Et que ta plume soit un secours pour la littérature estonienne qui vit des jours difficiles sur un marché très étroit et qui doit mieux s’exporter pour pouvoir exister et susciter la création.
Le fou du tzar de Jaan Kross (1920 – 2007)
Jaan Kross qui figura pendant un certain temps parmi les candidats potentiels pour le Prix Nobel de littérature, décéda en 2007 sans avoir obtenu ce prix. Après des débuts dans poésie, il se tourna vers le roman historique et dans « Le fou du tzar », il dresse le portrait du colonel Von Bock, un ex-favori d’Alexandre I° tombé en disgrâce pour avoir proposé un projet de réforme trop réaliste qui mettait trop clairement en évidence les carences du régime. Après neuf années d’emprisonnement, le colonel vit chez lui sous la surveillance humiliante des siens. Une situation que Kross ne met certainement pas innocemment en évidence, c’est un peu comme un petit coup d’épingle que l’auteur piquerait dans la chair de ceux qui dirigeaient la vaste union qui englobait son pays quand ce livre a été écrit. Une belle fresque historique qui fait revivre l’Estonie et qui montre que les perversités du régime ne se sont peut-être pas éteintes avec le temps.
Viivi Luik – La beauté de l’histoire (1946 - ….)
A la frontière de la poésie et de la prose romanesque, aux confins du roman fantastique, Viivi Luik, romancière estonienne, rapporte dans ce livre une histoire d’amour entre un sculpteur juif de Lettonie et une jeune poétesse estonienne qui lui sert de modèle. Ce récit qui se déroule en 1968, au moment où les chars soviétiques pénètrent à Prague, dessine une image trouble de ces pays de l’Europe de l’Est qui ploient sous la botte soviétique. C’est une forme de protestation suggérée, voilée, qui se noie dans une brume effilochée comme les photos artistiques qui suggèrent sans montrer. Un exercice de style pour délivrer un message en forme de dénonciation de la dictature qui règne alors dans cette partie de l’Europe.

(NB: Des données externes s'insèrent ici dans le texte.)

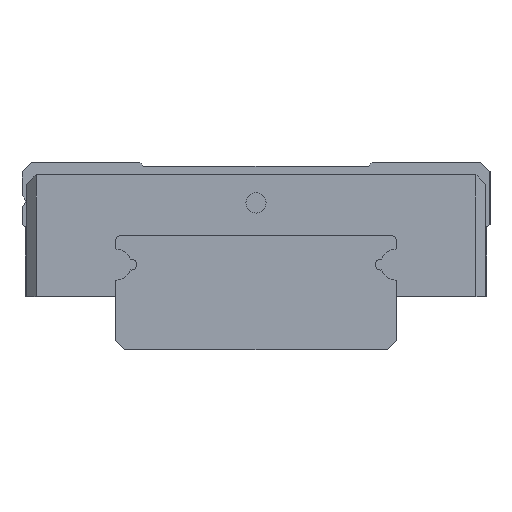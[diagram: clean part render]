
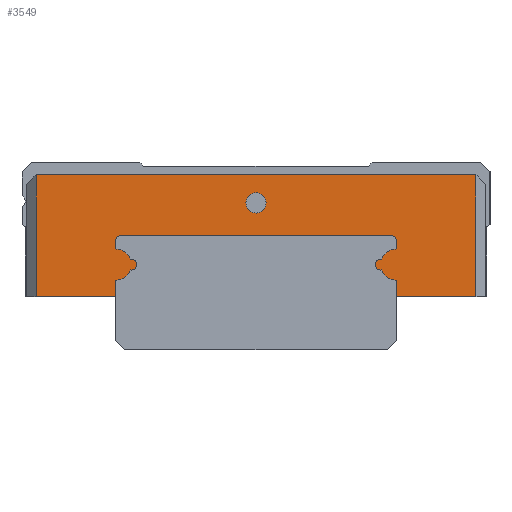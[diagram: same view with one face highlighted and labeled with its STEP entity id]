
A CAD part, left-side view. The second image highlights one B-rep face of the part: STEP entity #3549.
In plain terms, the highlighted planar face has unit normal (-1, 0, 0).
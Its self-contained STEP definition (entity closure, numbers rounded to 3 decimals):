
#1480=CARTESIAN_POINT('',(0.0,-14.1,3.4));
#1481=VERTEX_POINT('',#1480);
#1488=CARTESIAN_POINT('',(0.0,-9.,3.4));
#1489=VERTEX_POINT('',#1488);
#1490=CARTESIAN_POINT('',(0.0,-9.,3.4));
#1491=DIRECTION('',(0.0,-1.0,0.0));
#1492=VECTOR('',#1491,5.1);
#1493=LINE('',#1490,#1492);
#1494=EDGE_CURVE('',#1489,#1481,#1493,.T.);
#1591=CARTESIAN_POINT('',(0.0,14.1,11.2));
#1592=VERTEX_POINT('',#1591);
#1599=CARTESIAN_POINT('',(0.0,-14.1,11.2));
#1600=VERTEX_POINT('',#1599);
#1601=CARTESIAN_POINT('',(0.0,-14.1,11.2));
#1602=DIRECTION('',(0.0,1.0,0.0));
#1603=VECTOR('',#1602,28.2);
#1604=LINE('',#1601,#1603);
#1605=EDGE_CURVE('',#1600,#1592,#1604,.T.);
#1733=CARTESIAN_POINT('',(0.0,9.0,3.4));
#1734=VERTEX_POINT('',#1733);
#1741=CARTESIAN_POINT('',(0.0,14.1,3.4));
#1742=VERTEX_POINT('',#1741);
#1743=CARTESIAN_POINT('',(0.0,14.1,3.4));
#1744=DIRECTION('',(0.0,-1.0,0.0));
#1745=VECTOR('',#1744,5.1);
#1746=LINE('',#1743,#1745);
#1747=EDGE_CURVE('',#1742,#1734,#1746,.T.);
#2022=CARTESIAN_POINT('',(0.0,0.65,9.4));
#2023=VERTEX_POINT('',#2022);
#2024=CARTESIAN_POINT('',(0.0,0.0,9.4));
#2025=DIRECTION('',(1.0,0.0,0.0));
#2026=DIRECTION('',(0.0,-1.0,0.0));
#2027=AXIS2_PLACEMENT_3D('',#2024,#2025,#2026);
#2028=CIRCLE('',#2027,0.65);
#2029=EDGE_CURVE('',#2023,#2023,#2028,.T.);
#3021=CARTESIAN_POINT('',(0.0,14.1,11.2));
#3022=DIRECTION('',(0.0,0.0,-1.0));
#3023=VECTOR('',#3022,7.8);
#3024=LINE('',#3021,#3023);
#3025=EDGE_CURVE('',#1592,#1742,#3024,.T.);
#3055=CARTESIAN_POINT('',(0.0,-14.1,3.4));
#3056=DIRECTION('',(0.0,0.0,1.0));
#3057=VECTOR('',#3056,7.8);
#3058=LINE('',#3055,#3057);
#3059=EDGE_CURVE('',#1481,#1600,#3058,.T.);
#3095=CARTESIAN_POINT('',(0.0,9.,4.45));
#3096=VERTEX_POINT('',#3095);
#3103=CARTESIAN_POINT('',(0.0,9.0,3.4));
#3104=DIRECTION('',(0.0,0.0,1.0));
#3105=VECTOR('',#3104,1.05);
#3106=LINE('',#3103,#3105);
#3107=EDGE_CURVE('',#1734,#3096,#3106,.T.);
#3127=CARTESIAN_POINT('',(0.0,8.061,5.105));
#3128=VERTEX_POINT('',#3127);
#3135=CARTESIAN_POINT('',(0.0,9.0,5.45));
#3136=DIRECTION('',(-1.0,0.0,0.0));
#3137=DIRECTION('',(0.0,0.939,0.345));
#3138=AXIS2_PLACEMENT_3D('',#3135,#3136,#3137);
#3139=CIRCLE('',#3138,1.);
#3140=EDGE_CURVE('',#3096,#3128,#3139,.T.);
#3160=CARTESIAN_POINT('',(0.0,8.061,5.795));
#3161=VERTEX_POINT('',#3160);
#3168=CARTESIAN_POINT('',(0.0,8.0,5.45));
#3169=DIRECTION('',(-1.0,0.0,0.0));
#3170=DIRECTION('',(0.0,-0.175,-0.985));
#3171=AXIS2_PLACEMENT_3D('',#3168,#3169,#3170);
#3172=CIRCLE('',#3171,0.35);
#3173=EDGE_CURVE('',#3128,#3161,#3172,.T.);
#3193=CARTESIAN_POINT('',(0.0,9.0,6.45));
#3194=VERTEX_POINT('',#3193);
#3201=CARTESIAN_POINT('',(0.0,9.0,5.45));
#3202=DIRECTION('',(-1.0,0.0,0.0));
#3203=DIRECTION('',(0.0,0.0,-1.0));
#3204=AXIS2_PLACEMENT_3D('',#3201,#3202,#3203);
#3205=CIRCLE('',#3204,1.);
#3206=EDGE_CURVE('',#3161,#3194,#3205,.T.);
#3225=CARTESIAN_POINT('',(0.0,9.,7.));
#3226=VERTEX_POINT('',#3225);
#3233=CARTESIAN_POINT('',(0.0,9.0,6.45));
#3234=DIRECTION('',(0.0,0.0,1.0));
#3235=VECTOR('',#3234,0.55);
#3236=LINE('',#3233,#3235);
#3237=EDGE_CURVE('',#3194,#3226,#3236,.T.);
#3257=CARTESIAN_POINT('',(0.0,8.7,7.3));
#3258=VERTEX_POINT('',#3257);
#3265=CARTESIAN_POINT('',(0.0,8.7,7.));
#3266=DIRECTION('',(1.0,0.0,0.0));
#3267=DIRECTION('',(0.0,1.0,0.0));
#3268=AXIS2_PLACEMENT_3D('',#3265,#3266,#3267);
#3269=CIRCLE('',#3268,0.3);
#3270=EDGE_CURVE('',#3226,#3258,#3269,.T.);
#3289=CARTESIAN_POINT('',(0.0,-8.7,7.3));
#3290=VERTEX_POINT('',#3289);
#3297=CARTESIAN_POINT('',(0.0,8.7,7.3));
#3298=DIRECTION('',(0.0,-1.0,0.0));
#3299=VECTOR('',#3298,17.4);
#3300=LINE('',#3297,#3299);
#3301=EDGE_CURVE('',#3258,#3290,#3300,.T.);
#3321=CARTESIAN_POINT('',(0.0,-9.,7.));
#3322=VERTEX_POINT('',#3321);
#3329=CARTESIAN_POINT('',(0.0,-8.7,7.));
#3330=DIRECTION('',(1.0,0.0,0.0));
#3331=DIRECTION('',(0.0,0.0,1.0));
#3332=AXIS2_PLACEMENT_3D('',#3329,#3330,#3331);
#3333=CIRCLE('',#3332,0.3);
#3334=EDGE_CURVE('',#3290,#3322,#3333,.T.);
#3353=CARTESIAN_POINT('',(0.0,-9.,6.45));
#3354=VERTEX_POINT('',#3353);
#3361=CARTESIAN_POINT('',(0.0,-9.,7.));
#3362=DIRECTION('',(0.0,0.0,-1.0));
#3363=VECTOR('',#3362,0.55);
#3364=LINE('',#3361,#3363);
#3365=EDGE_CURVE('',#3322,#3354,#3364,.T.);
#3385=CARTESIAN_POINT('',(0.0,-8.061,5.795));
#3386=VERTEX_POINT('',#3385);
#3393=CARTESIAN_POINT('',(0.0,-9.,5.45));
#3394=DIRECTION('',(-1.0,0.0,0.0));
#3395=DIRECTION('',(0.0,-0.939,-0.345));
#3396=AXIS2_PLACEMENT_3D('',#3393,#3394,#3395);
#3397=CIRCLE('',#3396,1.);
#3398=EDGE_CURVE('',#3354,#3386,#3397,.T.);
#3418=CARTESIAN_POINT('',(0.0,-8.061,5.105));
#3419=VERTEX_POINT('',#3418);
#3426=CARTESIAN_POINT('',(0.0,-8.,5.45));
#3427=DIRECTION('',(-1.,0.0,0.0));
#3428=DIRECTION('',(0.0,0.175,0.985));
#3429=AXIS2_PLACEMENT_3D('',#3426,#3427,#3428);
#3430=CIRCLE('',#3429,0.35);
#3431=EDGE_CURVE('',#3386,#3419,#3430,.T.);
#3451=CARTESIAN_POINT('',(0.0,-9.,4.45));
#3452=VERTEX_POINT('',#3451);
#3459=CARTESIAN_POINT('',(0.0,-9.,5.45));
#3460=DIRECTION('',(-1.0,0.0,0.0));
#3461=DIRECTION('',(0.0,0.0,1.0));
#3462=AXIS2_PLACEMENT_3D('',#3459,#3460,#3461);
#3463=CIRCLE('',#3462,1.0);
#3464=EDGE_CURVE('',#3419,#3452,#3463,.T.);
#3482=CARTESIAN_POINT('',(0.0,-9.,4.45));
#3483=DIRECTION('',(0.0,0.0,-1.0));
#3484=VECTOR('',#3483,1.05);
#3485=LINE('',#3482,#3484);
#3486=EDGE_CURVE('',#3452,#1489,#3485,.T.);
#3521=CARTESIAN_POINT('',(0.0,0.,7.889));
#3522=DIRECTION('',(1.0,0.0,0.0));
#3523=DIRECTION('',(0.0,0.0,-1.0));
#3524=AXIS2_PLACEMENT_3D('',#3521,#3522,#3523);
#3525=PLANE('',#3524);
#3526=ORIENTED_EDGE('',*,*,#1494,.T.);
#3527=ORIENTED_EDGE('',*,*,#3059,.T.);
#3528=ORIENTED_EDGE('',*,*,#1605,.T.);
#3529=ORIENTED_EDGE('',*,*,#3025,.T.);
#3530=ORIENTED_EDGE('',*,*,#1747,.T.);
#3531=ORIENTED_EDGE('',*,*,#3107,.T.);
#3532=ORIENTED_EDGE('',*,*,#3140,.T.);
#3533=ORIENTED_EDGE('',*,*,#3173,.T.);
#3534=ORIENTED_EDGE('',*,*,#3206,.T.);
#3535=ORIENTED_EDGE('',*,*,#3237,.T.);
#3536=ORIENTED_EDGE('',*,*,#3270,.T.);
#3537=ORIENTED_EDGE('',*,*,#3301,.T.);
#3538=ORIENTED_EDGE('',*,*,#3334,.T.);
#3539=ORIENTED_EDGE('',*,*,#3365,.T.);
#3540=ORIENTED_EDGE('',*,*,#3398,.T.);
#3541=ORIENTED_EDGE('',*,*,#3431,.T.);
#3542=ORIENTED_EDGE('',*,*,#3464,.T.);
#3543=ORIENTED_EDGE('',*,*,#3486,.T.);
#3544=EDGE_LOOP('',(#3526,#3527,#3528,#3529,#3530,#3531,#3532,#3533,#3534,#3535,#3536,#3537,#3538,#3539,#3540,#3541,#3542,#3543));
#3545=FACE_OUTER_BOUND('',#3544,.T.);
#3546=ORIENTED_EDGE('',*,*,#2029,.T.);
#3547=EDGE_LOOP('',(#3546));
#3548=FACE_BOUND('',#3547,.T.);
#3549=ADVANCED_FACE('',(#3545,#3548),#3525,.F.);

Au-delà de cette limite votre ticket n’est plus valable de Romain Gary (1914 – 1980)
Pour comprendre tout le désarroi, l’amertume et l’angoisse qui imprègnent ce roman, il faut le lire quand la soixantaine est venue et que le corps ne répond plus comme avant ou plus tout à fait comme avant. Je peux témoigner, j’ai lu ce livre il n’y a pas si longtemps. C’est l’histoire d’un homme qui a atteint cet âge un peu fatidique après une vie brillante et bien remplie et qui ne peut pas accepter de se voir diminuer devant la belle et jeune brésilienne qu’il a séduite et qu’il ne peut plus satisfaire comme il le voudrait. Tous les artifices qu’il entrevoit ne font que lui confirmer qu’il a déjà descendu une marche vers la fin de sa vie. Un livre puissant, vrai, sans concession qui met le lecteur face à lui-même et à son avenir et lui confirme qu’il y a bien une limite au-delà de laquelle la vie n’est plus comme avant et qu’elle ne sera bientôt plus la vie. Certains ont trouvé de l’espoir ou de l’amour dans de livre, moi, j’y ai surtout vu du désespoir et de l’amertume et même une forme de révolte contre ce début de déchéance physique.